Simplifying the equation:

137° + ∠CBD = 180°
∠CBD = 180° - 137°
∠CBD = 43°

Therefore, ∠ABC = 25° and ∠CBD = 43°.
Answered by GPT 3.5
Apologies for the confusion. If ∠ABC = 20°, then we can find ∠CBD using the fact that the angles in a triangle add up to 180°.

∠ABC + ∠ABD + ∠CBD = 180°
20° + 112° + ∠CBD = 180°

Simplifying the equation:

132° + ∠CBD = 180°
∠CBD = 180° - 132°
∠CBD = 48°

Therefore, ∠ABC = 20° and ∠CBD = 48°.
Answered by GPT 3.5
Apologies for the confusion.
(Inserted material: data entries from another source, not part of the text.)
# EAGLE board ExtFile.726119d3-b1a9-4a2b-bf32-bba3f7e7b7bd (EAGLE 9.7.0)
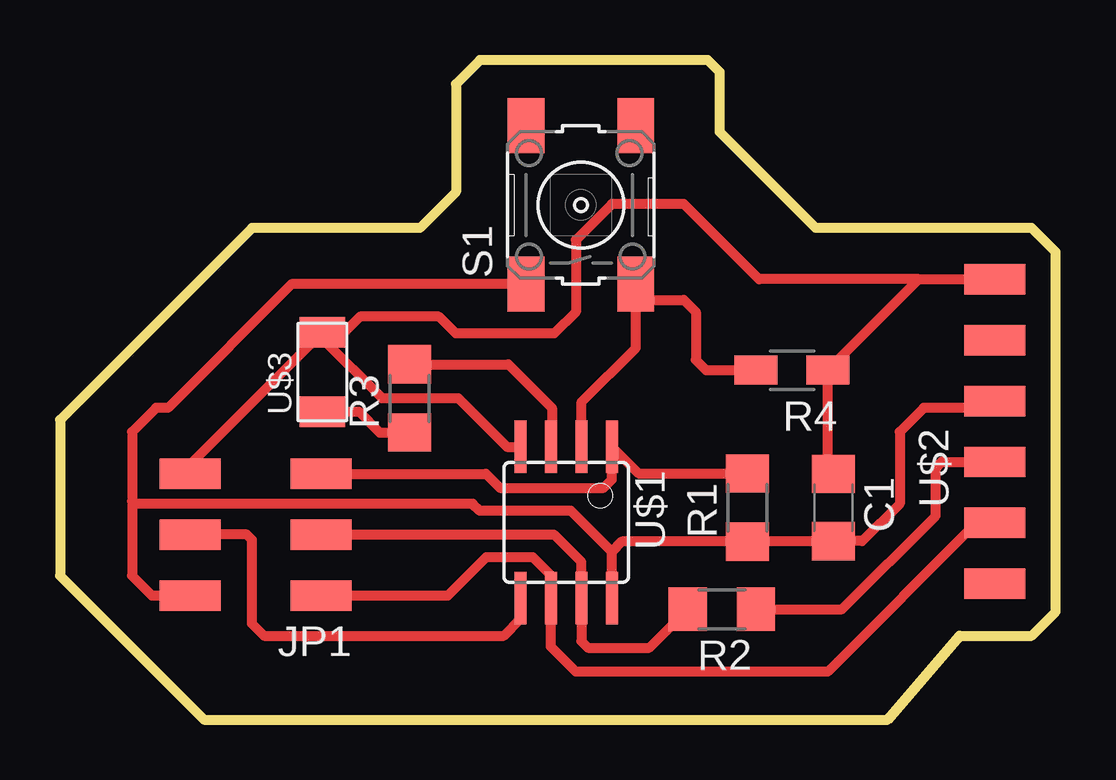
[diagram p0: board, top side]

Size 41.5 x 27.5 mm. Coordinates in mm from the lower left corner, seen from the top.
Outline: 8,20.5 0,12.5 0,6 6,0 34.5,0 37.5,3.5 40.5,3.5 41.5,4.5 41.5,19.5 40.5,20.5 31.5,20.5 27.5,24.5 27.5,27 27,27.5 17.5,27.5 16.5,26.5 16.5,22 15,20.5 8,20.5
Copper layers (1*16): Top 0.035mm / dielectric 1.5mm / Bottom 0.035mm
Design rules "hello board desrules": minimum track width 16mil, minimum drill 0.35mm, track to track 0.41mm, track to pad 0.41mm, pad to pad 0.41mm, via to via 0.41mm, smd to smd 6mil, copper to edge 0.41mm, drill to drill 0.41mm, minimum pad ring 10mil, minimum via ring 8mil, stop-mask expansion 4mil, vias tented up to drill 0mil, thermal gap 0.41mm

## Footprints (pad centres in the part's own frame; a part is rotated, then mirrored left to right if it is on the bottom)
C1206 = smd 1.6 x 1.8: 1 -1.4,0; 2 1.4,0
2X03SMD = smd 2.54 x 1.27: 1 -2.54,2.54; 2 2.92,2.54; 3 -2.54,0; 4 2.92,0; 5 -2.54,-2.54; 6 2.92,-2.54
R1206 = smd 1.6 x 1.803: 1 -1.422,0; 2 1.422,0
R1206W = smd 1.8 x 1.2: 1 -1.499,0; 2 1.499,0
6MM_SWITCH = smd 2.286 x 1.524: 1 -3.302,2.286; 2 3.302,2.286; 3 -3.302,-2.286; 4 3.302,-2.286
SOIC8 = smd 0.5 x 2.2: 1 -1.905,-3.154; 2 -0.645,-3.154; 3 0.625,-3.154; 4 1.895,-3.154; 5 1.905,3.154; 6 0.635,3.154; 7 -0.635,3.154; 8 -1.905,3.154
1X06SMD = smd 2.54 x 1.27: 1 0,6.35; 2 0,3.81; 3 0,1.27; 4 0,-1.27; 5 0,-3.81; 6 0,-6.35
LED1206FAB = smd 1.27 x 1.905: 1 -1.651,0; 2 1.651,0

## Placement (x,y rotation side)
C1  1uf  [C1206]  32.24,8.84 270 top
JP1  0  [2X03SMD]  8.34,7.71 180 top
R1  10k  [R1206]  28.66,8.84 90 top
R2  1k  [R1206]  27.59,4.6 180 top
R3  1k  [R1206]  14.57,13.39 90 top
R4  10k  [R1206W]  30.51,14.57 180 top
S1  0  [6MM_SWITCH]  21.71,21.45 90 top
U$1  UC_ATTINY45SI  [SOIC8]  21.1,8.22 180 top
U$2  CONN_06_FTDI-SMD-HEADER  [1X06SMD]  38.96,12.01 0 top
U$3  LEDFAB1206  [LED1206FAB]  10.93,14.49 90 top

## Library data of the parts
C1 JP1 R4 U$2 = fab
R1-R3 S1 U$3 = eagle_fab
U$1 = fab; SPICEPREFIX: X

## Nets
GND: C1.1 JP1.6 R4.1 U$1.4 U$2.1 U$3.2
MOSI: JP1.4 U$1.5
N$1: R3.1 U$3.1
PB1: JP1.1 U$1.6 U$2.5
PB2: JP1.3 R2.2 U$1.7
PB3: R4.2 S1.3 U$1.2
PB4: R3.2 U$1.3
RST: JP1.5 R1.2 U$1.1
TXD: R2.1 U$2.4
VCC: C1.2 JP1.2 R1.1 S1.1 U$1.8 U$2.3

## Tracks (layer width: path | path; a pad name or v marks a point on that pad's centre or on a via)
GND
  Top 0.406: U$3.2 10.82,16.25 | 35.8,18.36 U$2.1 | 35.8,18.36 R4.1 32.01,10.47 C1.1 | 35.8,18.36 29.14,18.36 26,21.5 23,21.5 21.5,20 21.5,17 20.6,16.1 16.5,16.1 15.8,16.8 12.5,16.8 11.8,16.1 11.8,15.9 11.18,15.9 U$3.2 | U$3.2 5.42,10.63 JP1.6 | U$3.2 11.19,16.4 | U$3.2 10.93,15.88 13.42,13.4 16.6,13.4 18.63,11.37 U$1.4
MOSI
  Top 0.406: JP1.4 7.79,7.71 8,7.5 8,4 8.5,3.5 18.5,3.5 19.2,4.2 U$1.5
N$1
  Top 0.406: U$3.1 12.46,12.84 13.33,11.97 R3.1 14.1,11.5
PB1
  Top 0.406: JP1.1 16.17,5.17 17.78,6.78 19.7,6.78 20.47,6.01 U$1.6 20.47,3.03 21.5,2 32,2 38.2,8.2 U$2.5
PB2
  Top 0.406: R2.2 24.57,3 22,3 21.74,3.26 U$1.7 21.74,6.56 20.59,7.71 JP1.3
PB3
  Top 0.406: U$1.2 21.75,13.25 24,15.5 S1.3 24.65,17.5 26,17.5 26.5,17 26.5,15 26.93,14.57 R4.2
PB4
  Top 0.406: U$1.3 20.5,11.4 20.5,13 18.69,14.81 R3.2
RST
  Top 0.406: R1.2 24.12,10.26 U$1.1 23.01,10.01 22.66,9.66 18.34,9.66 17.75,10.25 JP1.5 11.32,9.82 11.36,9.82
TXD
  Top 0.406: R2.1 32.6,4.6 36.5,8.5 36.5,10.5 36.74,10.74 U$2.4
VCC
  Top 0.406: U$2.3 38.68,13 36,13 35,12 35,9 33.44,7.44 C1.2 28.68,7.44 R1.1 23.42,7.42 23,7 | 3,9.1 3,12 4,13 4.5,13 9.65,18.15 S1.1 | 3,9.1 3,6 3.83,5.17 JP1.2 | 23,7 21.3,8.7 17.5,8.7 17.2,9 3.1,9 3,9.1 | U$1.8 23.01,6.99 23,7

Let's solve it correctly this time.

If ∠ABD is 112° and ∠ABC is 20°, then we can find ∠CBD using the fact that the angles in a triangle add up to 180°.

∠ABC + ∠ABD + ∠CBD = 180°
20° + 112° + ∠CBD = 180°

Simplifying the equation:

132° + ∠CBD = 180°
∠CBD = 180° - 132°
∠CBD = 48°

Therefore, ∠ABC = 20° and ∠CBD = 48°.